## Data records
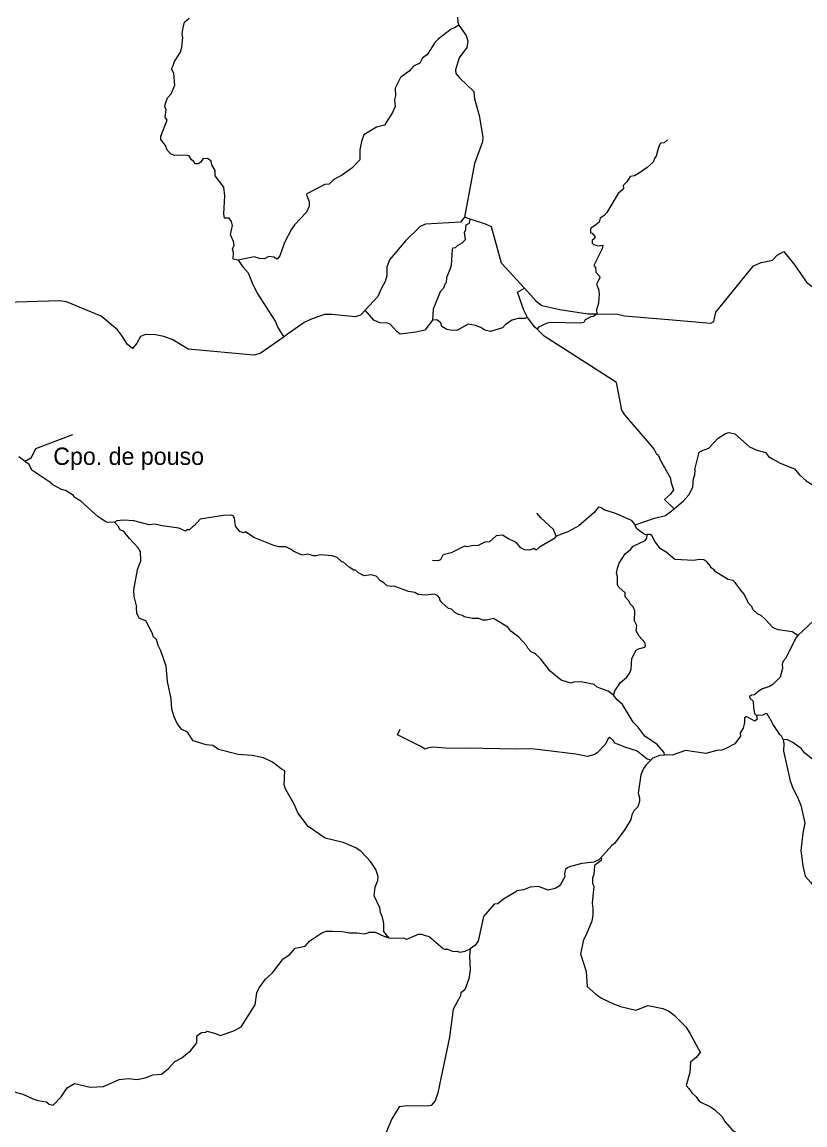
# Model space of a CAD drawing. Extents: x 332 to 501, y 9447 to 9559.
# Drawn here: x 422 to 439.16, y 9472.84 to 9497.01 of the extents above; entities that cross this region are included whole.
import ezdxf

# ---------------------------------------------------------------- set-up
doc = ezdxf.new("R2010")
doc.units = 0
for name, color, linetype in [('Level 1', 7, 'Continuous'), ('Level 13', 7, 'Continuous'), ('Level 4', 7, 'Continuous'), ('Level 5', 7, 'Continuous'), ('Level 6', 7, 'Continuous')]:
    doc.layers.add(name, color=color, linetype=linetype)

msp = doc.modelspace()

# ---------------------------------------------------------------- linework, layer by layer
at = {"layer": 'Level 1'}
msp.add_lwpolyline([(422.3073, 9487.6686), (423.1175, 9487.9761)], dxfattribs=at)
at = {"layer": 'Level 4'}
for points in [[(431.703, 9492.7355), (431.612, 9492.629), (430.848, 9492.58), (430.727, 9492.534), (430.404, 9492.217), (430.059, 9491.799), (429.995, 9491.644), (429.999, 9491.454), (429.96, 9491.327), (429.87, 9491.167), (429.801, 9490.999), (429.5223, 9490.6969)], [(431.8221, 9492.6961), (431.703, 9492.7355)], [(433.0134, 9491.1786), (432.512, 9491.729), (432.294, 9492.524), (432.158, 9492.585), (431.8221, 9492.6961)], [(436.1746, 9490.4947), (437.099, 9490.416), (437.164, 9490.451), (437.208, 9490.657), (438.033, 9491.672), (438.205, 9491.743), (438.45, 9491.794), (438.553, 9491.902), (438.701, 9491.987)], [(438.701, 9491.987), (438.93, 9491.692), (439.195, 9491.311), (439.579, 9491.017), (440.053, 9490.888), (440.224, 9490.896), (440.32, 9490.96), (440.447, 9490.973), (440.528, 9491.006), (440.685, 9491.034), (441.003, 9491.014), (441.1013, 9490.9292)], [(432.9993, 9490.6965), (432.8622, 9491.0926), (433.0134, 9491.1786)], [(433.2741, 9490.8972), (433.0134, 9491.1786)], [(427.6512, 9490.0447), (427.224, 9489.747), (427.082, 9489.71), (425.644, 9489.843), (425.306, 9490.046), (425.109, 9490.118), (424.928, 9490.156), (424.711, 9490.168), (424.596, 9490.12), (424.517, 9489.977), (424.42, 9489.857), (424.303, 9489.951), (424.204, 9490.122), (424.095, 9490.266), (423.738, 9490.569), (422.973, 9490.878), (422.823, 9490.905), (421.883, 9490.873), (421.685, 9490.83), (421.2777, 9490.5303)], [(433.2741, 9490.8972), (433.395, 9490.8), (433.7928, 9490.716)], [(429.5223, 9490.6969), (429.417, 9490.59), (429.301, 9490.549), (428.792, 9490.602), (428.631, 9490.6), (428.358, 9490.511), (428.188, 9490.429), (427.841, 9490.187)], [(433.084, 9490.534), (432.9993, 9490.6965)], [(433.7928, 9490.716), (434.4, 9490.616), (434.599, 9490.617)], [(433.291, 9490.282), (433.24, 9490.328), (433.084, 9490.534)], [(434.599, 9490.617), (434.5292, 9490.5607), (434.4706, 9490.5545), (434.3472, 9490.4836), (434.3164, 9490.4312), (434.2485, 9490.4127), (433.5978, 9490.4281), (433.5145, 9490.4127), (433.3233, 9490.3263), (433.291, 9490.282)], [(434.599, 9490.617), (435.0561, 9490.6121)], [(435.0561, 9490.6121), (435.209, 9490.577), (436.1746, 9490.4947)], [(427.841, 9490.187), (427.763, 9490.125)], [(434.283, 9489.594), (433.448, 9490.131), (433.291, 9490.282)], [(427.7405, 9490.1088), (427.6512, 9490.0447)], [(427.763, 9490.125), (427.7405, 9490.1088)], [(439.4242, 9484.0274), (439.357, 9483.893), (439.0067, 9483.5649)], [(439.0067, 9483.5649), (438.964, 9483.519), (438.746, 9483.068), (438.688, 9483.004), (438.661, 9482.936), (438.67, 9482.845), (438.623, 9482.656), (438.456, 9482.49), (438.385, 9482.446), (438.235, 9482.397), (438.162, 9482.357), (438.054, 9482.268), (437.99, 9482.258), (437.947, 9482.233)], [(437.947, 9482.233), (437.958, 9482.195), (438.031, 9482.126), (438.032, 9481.982), (438.054, 9481.854), (438.104, 9481.816)], [(438.062, 9481.689), (437.907, 9481.777), (437.871, 9481.788), (437.838, 9481.76), (437.834, 9481.657), (437.806, 9481.534), (437.7417, 9481.4371), (437.749, 9481.361), (437.625, 9481.196), (437.441, 9481.095), (437.338, 9481.057), (437.2306, 9481.0486), (436.9892, 9480.9826), (436.5441, 9481.0448), (436.2536, 9480.9448), (436.1392, 9480.9534), (436.0907, 9480.9413)], [(438.115, 9481.735), (438.062, 9481.689)], [(438.104, 9481.816), (438.115, 9481.735)]]:
    msp.add_lwpolyline(points, dxfattribs=at)
at = {"layer": 'Level 5'}
for points in [[(431.575, 9496.947), (431.734, 9496.72), (431.776, 9496.592), (431.751, 9496.458), (431.583, 9496.226), (431.505, 9495.963), (431.508, 9495.889), (431.588, 9495.794), (431.908, 9495.492), (431.918, 9495.329), (432.022, 9494.962), (432.102, 9494.49), (432.093, 9494.388), (431.917, 9493.91), (431.703, 9492.7355)], [(431.549, 9497.12), (431.551, 9497.011), (431.575, 9496.947)], [(426.7398, 9491.795), (426.8441, 9491.6446), (426.9608, 9491.5178), (427.0449, 9491.2991), (427.1588, 9491.0679), (427.5485, 9490.4545), (427.6094, 9490.3176), (427.7405, 9490.1088)], [(435.955, 9487.51), (435.918, 9487.538), (435.855, 9487.654), (435.756, 9487.779), (435.212, 9488.405), (435.147, 9488.507), (435.03, 9489.115), (434.283, 9489.594)], [(437.0545, 9487.6739), (437.261, 9487.889), (437.423, 9487.996), (437.498, 9488.019), (437.626, 9487.985), (437.947, 9487.705), (438.106, 9487.633), (438.298, 9487.578), (438.361, 9487.489), (438.45, 9487.437), (438.621, 9487.348), (438.93, 9487.222), (439.04, 9487.089), (439.19, 9486.956), (439.3183, 9486.8775)], [(422.0718, 9487.3863), (422.2061, 9487.4698), (422.3073, 9487.6686)], [(435.955, 9487.51), (435.9897, 9487.4167), (436.2151, 9487.0187), (436.2234, 9486.9352), (436.2818, 9486.7626), (436.2178, 9486.6624)], [(436.7458, 9487.2087), (436.842, 9487.585), (436.9342, 9487.63)], [(436.9342, 9487.63), (437.0545, 9487.6739)], [(421.9324, 9487.4935), (422.0718, 9487.3863)], [(422.608, 9486.93), (422.219, 9487.193), (422.16, 9487.317), (422.083, 9487.364), (422.0718, 9487.3863)], [(436.7458, 9487.2087), (436.744, 9487.0809), (436.7221, 9487.0188)], [(422.668, 9486.88), (422.608, 9486.93)], [(422.668, 9486.88), (422.872, 9486.765)], [(436.2932, 9486.3408), (436.498, 9486.518), (436.619, 9486.649), (436.703, 9486.821), (436.7221, 9487.0188)], [(424.0299, 9486.0513), (423.8835, 9486.0446), (423.8204, 9486.0628), (423.665, 9486.1759), (423.2872, 9486.508), (423.1459, 9486.5999), (423.1263, 9486.6352), (422.9533, 9486.7447), (422.872, 9486.765)], [(436.2178, 9486.6624), (436.0871, 9486.5507)], [(436.2932, 9486.3408), (436.0871, 9486.5507)], [(435.44, 9485.9942), (435.868, 9486.141), (436.107, 9486.198), (436.2932, 9486.3408)], [(426.1839, 9486.1634), (425.9088, 9486.115), (425.7852, 9485.9773), (425.7393, 9485.9526), (425.6758, 9485.8855), (425.6228, 9485.8855), (425.584, 9485.8573), (425.4356, 9485.9208), (425.0704, 9485.9674), (424.915, 9486.0063), (424.7914, 9485.9922), (424.4519, 9486.0813), (424.2278, 9486.0934), (424.0828, 9486.0772), (424.0299, 9486.0513)], [(433.7124, 9485.743), (433.648, 9485.891), (433.372, 9486.147), (433.289, 9486.246)], [(424.1055, 9485.9601), (424.0299, 9486.0513)], [(424.3547, 9485.6925), (424.2305, 9485.8447), (424.1542, 9485.8808), (424.1055, 9485.9601)], [(424.6036, 9485.2119), (424.6, 9485.4017), (424.5449, 9485.4906), (424.3547, 9485.6925)], [(424.6036, 9485.2119), (424.5232, 9485.0062), (424.4439, 9484.5671), (424.453, 9484.4207), (424.5083, 9484.1853)], [(426.0404, 9481.1714), (425.7492, 9481.2598), (425.6283, 9481.445), (425.5037, 9481.5054), (425.4055, 9481.6358), (425.3357, 9481.784), (425.2866, 9481.9559), (425.2677, 9482.1807), (425.1884, 9482.5616), (425.16, 9482.896), (425.0449, 9483.2275), (424.9844, 9483.3446), (424.9467, 9483.4807), (424.8787, 9483.5449), (424.8598, 9483.6129), (424.7125, 9483.8898), (424.5728, 9483.9427), (424.5161, 9484.0522), (424.5083, 9484.1853)], [(438.338, 9481.85), (438.304, 9481.857), (438.237, 9481.821), (438.104, 9481.816)], [(438.395, 9481.745), (438.338, 9481.85)], [(438.395, 9481.745), (438.473, 9481.596), (438.604, 9481.396), (438.633, 9481.381), (438.684, 9481.282)], [(431.7314, 9481.101), (431.3794, 9481.0933), (431.0095, 9481.1171), (430.911, 9481.1069), (430.8364, 9481.073), (430.7311, 9481.1408), (430.2322, 9481.3886), (430.2899, 9481.5176)], [(434.883, 9481.332), (434.8483, 9481.3072), (434.7872, 9481.1884), (434.6107, 9480.9949), (434.5598, 9480.9576), (434.3935, 9480.9168), (434.1389, 9480.9643), (433.1783, 9481.0865), (432.8457, 9481.0763), (431.7314, 9481.101)], [(435.187, 9481.133), (434.998, 9481.206), (434.964, 9481.261), (434.883, 9481.332)], [(439.3361, 9480.849), (439.1549, 9480.9956), (439.0859, 9481.0819), (438.8961, 9481.22), (438.7667, 9481.289), (438.684, 9481.282)], [(438.684, 9481.282), (438.703, 9481.201), (438.695, 9481.035), (438.841, 9480.38), (438.897, 9480.218), (439.003, 9480.027), (439.069, 9479.849), (439.162, 9479.451), (439.118, 9479.234), (439.076, 9478.852), (439.117, 9478.515), (439.168, 9478.292), (439.287, 9478.161), (439.68, 9477.643), (439.819, 9477.499), (439.824, 9477.462), (439.807, 9477.415), (439.667, 9477.148), (439.447, 9476.881), (439.455, 9476.835)], [(427.7611, 9480.5977), (427.6781, 9480.6414), (427.4928, 9480.7934), (427.2927, 9480.8824), (427.0482, 9480.9342), (426.7407, 9480.9602), (426.3109, 9481.0676), (426.1812, 9481.1566), (426.0404, 9481.1714)], [(435.187, 9481.133), (435.485, 9481.037), (435.707, 9480.867), (435.7944, 9480.8425)], [(435.7944, 9480.8425), (435.682, 9480.73), (435.624, 9480.649), (435.563, 9480.516), (435.504, 9480.109), (435.534, 9480.007), (435.535, 9479.932), (435.496, 9479.813), (435.411, 9479.723), (435.37, 9479.638), (435.347, 9479.532), (435.214, 9479.313), (434.99, 9479.008), (434.928, 9478.966), (434.6848, 9478.6864)], [(436.0907, 9480.9413), (435.975, 9480.935), (435.831, 9480.881), (435.7944, 9480.8425)], [(428.2743, 9479.3782), (428.044, 9479.68), (427.9725, 9479.8528), (427.7819, 9480.1895), (427.7492, 9480.2849), (427.7611, 9480.5977)], [(430.051, 9476.932), (429.931, 9477.0808), (429.9349, 9477.2516), (429.9022, 9477.3945), (429.8605, 9477.4957), (429.8426, 9477.597), (429.7235, 9477.8583), (429.7414, 9478.049), (429.8009, 9478.195), (429.8099, 9478.2844), (429.7592, 9478.4364), (429.6372, 9478.6167), (429.4347, 9478.8312), (429.3186, 9478.9117), (429.0387, 9479.0309), (428.6442, 9479.1283), (428.2743, 9479.3782)], [(434.6848, 9478.6864), (434.645, 9478.647), (434.532, 9478.596), (434.274, 9478.573), (434.021, 9478.506), (433.959, 9478.472), (433.912, 9478.436), (433.893, 9478.349), (433.903, 9478.278), (433.803, 9478.108)], [(434.6848, 9478.6864), (434.704, 9478.677), (434.698, 9478.636), (434.553, 9478.526), (434.536, 9478.327), (434.509, 9478.249), (434.507, 9478.13), (434.532, 9478.076), (434.502, 9477.701), (434.514, 9477.58)], [(433.803, 9478.108), (433.774, 9478.072), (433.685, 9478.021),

## Work instructions
What lines in the data include the string "linetype"? Copy each one.

## Task output
for name, color, linetype in [('Level 1', 7, 'Continuous'), ('Level 13', 7, 'Continuous'), ('Level 4', 7, 'Continuous'), ('Level 5', 7, 'Continuous'), ('Level 6', 7, 'Continuous')]:
    doc.layers.add(name, color=color, linetype=linetype)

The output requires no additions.